To give a bit more of an explanation:
Consider the numbers $a$ and $b$ with prime factorisations $a = p_0^{a_0} p_1^{a_1} \ldots p_n^{a_n}$ and $b = p_0^{b_0} p_1^{b_1} \ldots p_n^{b_n}$ (assume that we use a set of primes that covers both numbers, so it's possible for some of the $a_i$ and $b_i$ to be zero). If their ratio $\frac{a}{b}$ is prime, then that means that $a_i = b_i$ for almost every $i$, except for one case where $a_i = b_i + 1$. Then that means if we consider the sums $a_0 + a_1 + \ldots + a_n$ and $b_0 + b_1 + \ldots + b_n$, they differ by 1. This also means that if $b$ is odd then $a$ is even, and vice versa. (And notice that the zero exponents don't affect this, so we can include or exclude them as we please.)
For example, if we look at $a = 10800$ and $b = 3600$, notice that $a = 2^4 3^3 5^2$ and $b = 2^4 3^2 5^2$, so $\frac{a}{b} = 3$ is prime, and $4 + 3 + 2 = 9$ while $4 + 2 + 2 = 8$ if we look at the sums of the exponents.
Now looking at the given problem, let us assume that it is possible to arrange 1995 numbers in a circle such that every adjacent pair has a prime ratio between them. From what we've shown above, that means that if one of the numbers has an even sum of exponents of its prime factors, it must be located between two numbers with an odd sum of exponents. To use TheBestMagician's notation, a number that gets coloured red will be placed between numbers that are coloured blue and vice versa.

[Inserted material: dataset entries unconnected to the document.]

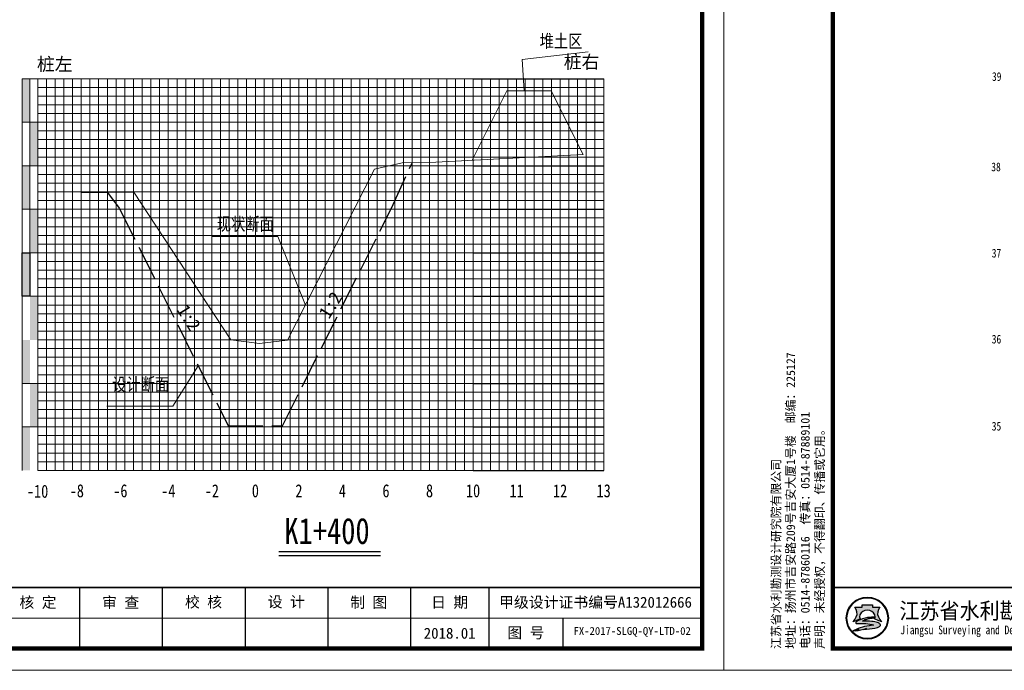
# Model space of a CAD drawing. Header units: millimetres. Extents: x -1851 to 142262423, y -629789 to 22327943.
# Tile 26 of 69: x 36239 to 36465, y 3721 to 3871. Entities that reach past the tile are written whole.
import ezdxf
from ezdxf.enums import TextEntityAlignment as Align

# ---------------------------------------------------------------- set-up
doc = ezdxf.new("R2010")
doc.units = ezdxf.units.MM
doc.linetypes.add('4415', pattern=[5, 4, -1])
for name, color, linetype, lineweight in [('0.13文字', 3, 'Continuous', 13), ('2', 61, 'Continuous', 30), ('3', 8, 'Continuous', 5), ('dmx', 7, 'Continuous', 15)]:
    doc.layers.add(name, color=color, linetype=linetype, lineweight=lineweight)
doc.layers.add('DIMTEX', color=7, linetype='Continuous')
doc.layers.add('断面', color=7, linetype='Continuous')
doc.styles.add('LYJFS', font='times.ttf', dxfattribs={"width": 0.7})
doc.styles.add('STYLE2', font='txt', dxfattribs={"width": 0.8})
doc.styles.add('仿宋', font='FangSong_GB2312.ttf')
doc.styles.add('仿宋体', font='FangSong_GB2312.ttf', dxfattribs={"width": 0.8})
doc.styles.add('宋体', font='txt', dxfattribs={"height": 3.5})
doc.styles.add('等线体', font='simhei.ttf')

# ---------------------------------------------------------------- blocks, each defined once
blk = doc.blocks.new('tk')
h = blk.add_hatch(color=152)
h.dxf.hatch_style = 1
h.paths.add_polyline_path([(6876.364125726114, 854.2295714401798, 1), (6866.686434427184, 854.2295714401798, 1)])
h.paths.add_polyline_path([(6876.201261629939, 854.2295714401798, 1), (6866.84929852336, 854.2295714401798, 1)], flags=16)
h = blk.add_hatch(color=152)
h.dxf.hatch_style = 1
edge = h.paths.add_edge_path()
edge.add_arc((6873.407199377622, 851.8047045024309), 1.461698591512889, 43.31770961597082, 70.37003522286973)
edge.add_arc((6872.0275850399, 847.9366998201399), 5.568375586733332, 70.37003522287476, 84.52854590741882)
edge.add_arc((6871.440752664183, 841.8102204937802), 11.72289597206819, 84.5285459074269, 95.17746754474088)
edge.add_arc((6871.582339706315, 852.1014277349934), 1.831337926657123, 111.7965680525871, 130.9174013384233, ccw=False)
edge.add_arc((6873.47809212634, 847.3608850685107), 6.936886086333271, 98.84274785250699, 111.79656805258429, ccw=False)
edge.add_arc((6874.544451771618, 840.506451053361), 13.873772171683, 95.21036804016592, 98.84274785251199, ccw=False)
edge.add_ellipse((6871.525280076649, 854.5219636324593), major_axis=(-1.773815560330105, 0), ratio=0.8776980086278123, start_angle=172.6538623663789, end_angle=176.9129867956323)
edge.add_arc((6873.117644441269, 844.1909795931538), 10.24870363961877, 88.99992913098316, 98.52267106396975)
edge.add_arc((6872.724314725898, 846.8157053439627), 7.594670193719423, 98.5226710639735, 116.8491039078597)
edge.add_arc((6869.849912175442, 852.4939579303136), 1.230336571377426, 116.8491039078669, 139.2900683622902)
edge.add_arc((6869.065436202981, 853.1689503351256), 0.1954369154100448, 139.2900683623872, 263.050638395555)
edge.add_arc((6869.248585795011, 854.6715617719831), 1.70916902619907, 263.0506383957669, 272.136251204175)
edge.add_arc((6870.416233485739, 823.3689317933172), 29.61523112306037, 88.46268833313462, 92.13625120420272, ccw=False)
edge.add_arc((6871.07395213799, 847.876297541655), 5.099041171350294, 68.07113774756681, 88.46268833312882, ccw=False)
edge.add_arc((6875.183614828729, 831.3122526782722), 21.4080615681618, 95.91294384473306, 98.79521578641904)
edge.add_arc((6873.816328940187, 840.1492628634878), 12.46590188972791, 98.79521578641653, 117.8496747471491)
edge.add_arc((6932.315236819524, 613.7362839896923), 245.9934265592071, 104.7703900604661, 105.15790668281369, ccw=False)
edge.add_line((6869.600177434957, 851.6009245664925), (6868.796656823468, 851.2750728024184))
edge.add_arc((6890.157828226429, 754.105500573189), 99.48982566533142, 100.90627282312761, 102.39834375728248, ccw=False)
edge.add_line((6871.334059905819, 851.7983414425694), (6870.72346251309, 851.6097564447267))
edge.add_arc((6868.414090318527, 880.2016823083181), 28.68503833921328, 274.6177604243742, 279.6944367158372)
edge.add_arc((6872.474319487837, 856.4344682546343), 4.573507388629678, 279.694436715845, 287.6119267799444)
edge.add_arc((6873.358587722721, 853.648913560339), 1.650966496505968, 287.6119267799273, 311.5140981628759)
edge.add_arc((6874.270477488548, 852.6187205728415), 0.2751610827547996, 311.5140981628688, 403.3177096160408)
edge = h.paths.add_edge_path()
edge.add_arc((6875.946394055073, 855.3665725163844), 2.066422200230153, 138.9741968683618, 204.1180883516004, ccw=False)
edge.add_line((6874.387456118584, 856.7229696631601), (6872.690352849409, 856.7229696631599))
edge.add_line((6872.69035284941, 856.7229696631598), (6872.69035284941, 857.3096342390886))
edge.add_line((6872.69035284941, 857.3096342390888), (6870.360207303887, 857.3096342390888))
edge.add_line((6870.360207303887, 857.3096342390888), (6870.360207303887, 856.7229696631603))
edge.add_line((6870.360207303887, 856.7229696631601), (6868.663104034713, 856.7229696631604))
edge.add_arc((6867.104166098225, 855.3665725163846), 2.066422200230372, -24.118088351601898, 41.0258031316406, ccw=False)
edge.add_arc((6865.567634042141, 856.05447875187), 3.749914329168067, 314.34412131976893, 335.8819116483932, ccw=False)
edge.add_arc((6867.522236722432, 856.4070458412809), 3.106664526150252, 282.3877277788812, 290.1465811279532)
edge.add_arc((6864.457993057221, 864.7594382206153), 12.00340818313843, 290.1465811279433, 296.6495194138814)
edge.add_ellipse((6871.525280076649, 854.5219636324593), major_axis=(-1.773815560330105, 0), ratio=0.8776980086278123, start_angle=176.9129867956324, end_angle=378.37473811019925, ccw=False)
edge.add_ellipse((6871.525280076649, 854.5219636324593), major_axis=(-1.773815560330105, 0), ratio=0.8776980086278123, start_angle=172.653862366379, end_angle=176.9129867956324, ccw=False)
edge.add_ellipse((6871.525280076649, 854.5219636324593), major_axis=(-1.773815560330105, 0), ratio=0.8776980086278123, start_angle=161.6252618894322, end_angle=172.653862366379, ccw=False)
edge.add_arc((6878.592567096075, 864.759438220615), 12.00340818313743, 243.3504805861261, 249.853418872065)
edge.add_arc((6875.528323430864, 856.4070458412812), 3.106664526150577, 249.8534188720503, 257.61227222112)
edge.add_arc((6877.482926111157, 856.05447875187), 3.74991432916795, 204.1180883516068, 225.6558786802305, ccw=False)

But that's a problem. Let's label the numbers $n_1, n_2, \ldots, n_{1995}$ going clockwise around the circle from some point. If $n_1$ is red, then $n_2$ must be blue, then $n_3$ is red, and so on. Going all the way around, we'll get to $n_{1995}$ which will be red - but then it's next to $n_1$, which is also red, which isn't allowed. If $n_1$ is blue instead, we get the same problem - we're forced to put two numbers with the same "colour" together, meaning that the sum of their prime exponents has the same parity, meaning that their ratio is not a prime number.
So we reached a contradiction, which breaks the assumption we made that such an arrangement is possible, and hence no such arrangement exists, and in fact this is always true whenever there are an odd number of numbers being placed.
If we're placing an even number of numbers around the circle - say, 1996 - then it is possible as long as we choose our numbers carefully. Essentially we note that as we go clockwise we will either multiply by or divide by a prime number, and to ensure that we can loop back to the start we need to make sure that every number we multiply by gets divided back out at some point (e.g. if $n_2 = 7 n_1$, then further around the circle we will have $n_{i+1} = \frac{1}{7} n_i$).